Deciding to deal with the cultists once and for all, she retrieves a shotgun to clear out the rest of the police department. She follows cries and voices deep within the building, descending down some stairs where she finds the many demonic-looking cultists in disturbing situations. They point Jessica into a room where she encounters John Malum and his followers. As the cultists taunt Jessica, the Low God reveals itself; the being who the Malum Flock answers to. Jessica fires at the demonic beast and ends up back in the halls of the police department, shooting at who she believes to be cultists. After managing to mortality wound one, its revealed that Jessica actually shot and killed Diane.

Jessica breaks down and the Malum Flock cheer and mock her for it. Jessica, in her grief; decides to commit suicide just like her father Will. As she dies, the cultists disappear as if they never existed.

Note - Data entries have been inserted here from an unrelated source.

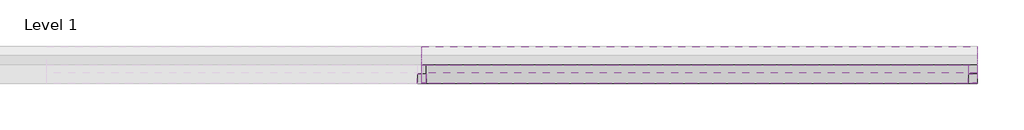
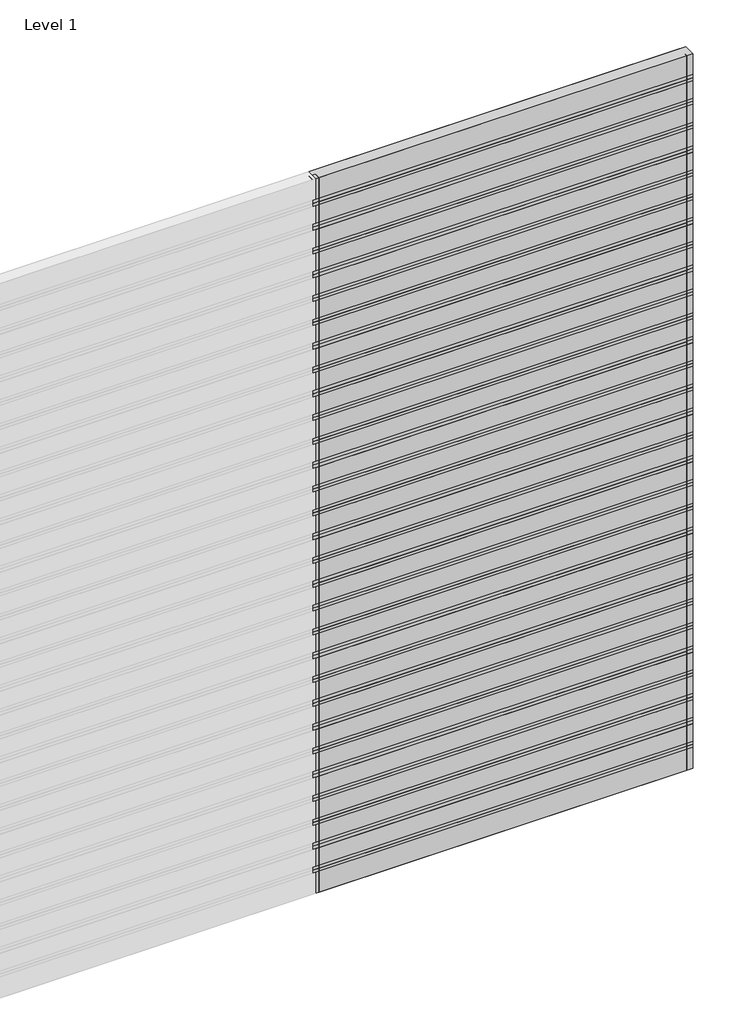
# One storey, part 2 of 2: 74 members, 60 plates.
"""IFC4 building model written with IfcOpenShell, lengths in millimetres."""

from ifc_helpers import new_model, si_unit, origin, place, context, project, spatial, transform, mapped, element, save
from components import rectangular_mullion_0c68277b, rectangular_mullion_7d91d70c, rectangular_mullion_614df7cf, empty_system_panel_empty_aee84036, empty_system_panel_empty_4cab923f, empty_system_panel_empty_34a2d59f

model = new_model("IFC4")

# Units and contexts
model_context = context("Model", 3, world=origin())
ifc_project = project(units=[si_unit("LENGTHUNIT", "METRE", prefix="MILLI")], contexts=[model_context])

# Site, building, storey
site = spatial("IfcSite", under=ifc_project)
building = spatial("IfcBuilding", under=site)
storey = spatial("IfcBuildingStorey", under=building, Name="Level 1", Elevation=0.0)

# Members
placement = place(None, origin())
rectangular_mullion_shape = rectangular_mullion_0c68277b(model_context)
element("IfcMember", 1, ObjectType="Rectangular Mullion : RSen_21_CWM_blade - 200 ellips - 45°_gen_duco projects", at=placement, inside=storey, context=model_context, shape_type="MappedRepresentation", body=[
    mapped(rectangular_mullion_shape, transform((3000.0, 3000.0, 3200.0), x_axis=(0.0, 0.0, 1.0), y_axis=(0.0, 1.0, 0.0), z_axis=(-1.0, 0.0, 0.0))),
])
element("IfcMember", 2, ObjectType="Rectangular Mullion : RSen_21_CWM_blade - 200 ellips - 45°_gen_duco projects", at=placement, inside=storey, context=model_context, shape_type="MappedRepresentation", body=[
    mapped(rectangular_mullion_shape, transform((3000.0, 3000.0, 3400.0), x_axis=(0.0, 0.0, 1.0), y_axis=(0.0, 1.0, 0.0), z_axis=(-1.0, 0.0, 0.0))),
])
element("IfcMember", 3, ObjectType="Rectangular Mullion : RSen_21_CWM_blade - 200 ellips - 45°_gen_duco projects", at=placement, inside=storey, context=model_context, shape_type="MappedRepresentation", body=[
    mapped(rectangular_mullion_shape, transform((3000.0, 3000.0, 3600.0), x_axis=(0.0, 0.0, 1.0), y_axis=(0.0, 1.0, 0.0), z_axis=(-1.0, 0.0, 0.0))),
])
element("IfcMember", 4, ObjectType="Rectangular Mullion : RSen_21_CWM_blade - 200 ellips - 45°_gen_duco projects", at=placement, inside=storey, context=model_context, shape_type="MappedRepresentation", body=[
    mapped(rectangular_mullion_shape, transform((3000.0, 3000.0, 3800.0), x_axis=(0.0, 0.0, 1.0), y_axis=(0.0, 1.0, 0.0), z_axis=(-1.0, 0.0, 0.0))),
])
element("IfcMember", 5, ObjectType="Rectangular Mullion : RSen_21_CWM_blade - 200 ellips - 45°_gen_duco projects", at=placement, inside=storey, context=model_context, shape_type="MappedRepresentation", body=[
    mapped(rectangular_mullion_shape, transform((3000.0, 3000.0, 4000.0), x_axis=(0.0, 0.0, 1.0), y_axis=(0.0, 1.0, 0.0), z_axis=(-1.0, 0.0, 0.0))),
])
element("IfcMember", 6, ObjectType="Rectangular Mullion : RSen_21_CWM_blade - 200 ellips - 45°_gen_duco projects", at=placement, inside=storey, context=model_context, shape_type="MappedRepresentation", body=[
    mapped(rectangular_mullion_shape, transform((3000.0, 3000.0, 4200.0), x_axis=(0.0, 0.0, 1.0), y_axis=(0.0, 1.0, 0.0), z_axis=(-1.0, 0.0, 0.0))),
])
element("IfcMember", 7, ObjectType="Rectangular Mullion : RSen_21_CWM_blade - 200 ellips - 45°_gen_duco projects", at=placement, inside=storey, context=model_context, shape_type="MappedRepresentation", body=[
    mapped(rectangular_mullion_shape, transform((3000.0, 3000.0, 4400.0), x_axis=(0.0, 0.0, 1.0), y_axis=(0.0, 1.0, 0.0), z_axis=(-1.0, 0.0, 0.0))),
])
element("IfcMember", 8, ObjectType="Rectangular Mullion : RSen_21_CWM_blade - 200 ellips - 45°_gen_duco projects", at=placement, inside=storey, context=model_context, shape_type="MappedRepresentation", body=[
    mapped(rectangular_mullion_shape, transform((3000.0, 3000.0, 4600.0), x_axis=(0.0, 0.0, 1.0), y_axis=(0.0, 1.0, 0.0), z_axis=(-1.0, 0.0, 0.0))),
])
element("IfcMember", 9, ObjectType="Rectangular Mullion : RSen_21_CWM_blade - 200 ellips - 45°_gen_duco projects", at=placement, inside=storey, context=model_context, shape_type="MappedRepresentation", body=[
    mapped(rectangular_mullion_shape, transform((3000.0, 3000.0, 4800.0), x_axis=(0.0, 0.0, 1.0), y_axis=(0.0, 1.0, 0.0), z_axis=(-1.0, 0.0, 0.0))),
])
element("IfcMember", 10, ObjectType="Rectangular Mullion : RSen_21_CWM_blade - 200 ellips - 45°_gen_duco projects", at=placement, inside=storey, context=model_context, shape_type="MappedRepresentation", body=[
    mapped(rectangular_mullion_shape, transform((3000.0, 3000.0, 5000.0), x_axis=(0.0, 0.0, 1.0), y_axis=(0.0, 1.0, 0.0), z_axis=(-1.0, 0.0, 0.0))),
])
element("IfcMember", 11, ObjectType="Rectangular Mullion : RSen_21_CWM_blade - 200 ellips - 45°_gen_duco projects", at=placement, inside=storey, context=model_context, shape_type="MappedRepresentation", body=[
    mapped(rectangular_mullion_shape, transform((3000.0, 3000.0, 5200.0), x_axis=(0.0, 0.0, 1.0), y_axis=(0.0, 1.0, 0.0), z_axis=(-1.0, 0.0, 0.0))),
])
element("IfcMember", 12, ObjectType="Rectangular Mullion : RSen_21_CWM_blade - 200 ellips - 45°_gen_duco projects", at=placement, inside=storey, context=model_context, shape_type="MappedRepresentation", body=[
    mapped(rectangular_mullion_shape, transform((3000.0, 3000.0, 5400.0), x_axis=(0.0, 0.0, 1.0), y_axis=(0.0, 1.0, 0.0), z_axis=(-1.0, 0.0, 0.0))),
])
element("IfcMember", 13, ObjectType="Rectangular Mullion : RSen_21_CWM_blade - 200 ellips - 45°_gen_duco projects", at=placement, inside=storey, context=model_context, shape_type="MappedRepresentation", body=[
    mapped(rectangular_mullion_shape, transform((3000.0, 3000.0, 5600.0), x_axis=(0.0, 0.0, 1.0), y_axis=(0.0, 1.0, 0.0), z_axis=(-1.0, 0.0, 0.0))),
])
element("IfcMember", 14, ObjectType="Rectangular Mullion : RSen_21_CWM_blade - 200 ellips - 45°_gen_duco projects", at=placement, inside=storey, context=model_context, shape_type="MappedRepresentation", body=[
    mapped(rectangular_mullion_shape, transform((3000.0, 3000.0, 5800.0), x_axis=(0.0, 0.0, 1.0), y_axis=(0.0, 1.0, 0.0), z_axis=(-1.0, 0.0, 0.0))),
])
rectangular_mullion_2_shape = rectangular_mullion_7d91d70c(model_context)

Jessica then becomes one with the Low God, its sacrifice complete.

==Production==
Principal photography took place on location in an abandoned prison in downtown Louisville, Kentucky, from August to September 2022.

==Release==
Malum received a theatrical release in the United States on March 31, 2023. The film was released on video-on-demand (VOD) and digital platforms on May 16, 2023.

==Critical reception==

Matt Zoller Seitz of RogerEbert.com gave Malum three out of four stars, and wrote that the film is most "impressive when it turns its talented ensemble cast loose on material that was obviously a lot of fun to play with." Matt Donago of Paste commended the film for its "gruesome indie [special] effects", and concluded that "DiBlasi delivers what Last Shift fans will once again enjoy. That's what's slightly disappointing: Malum differentiates [itself from Last Shift], but does it differentiate enough?" The Austin Chronicles Richard Whittaker gave the film two out of five stars, criticizing its use of jump scares and writing: "At least Last Shift had a grubby ingenuity. Malum has enough budget to be too glossy to be gutter fun, and adds little visually much beyond some very mediocre practical effects, often feeling that – yet again – its ambitions outstripped its grasp."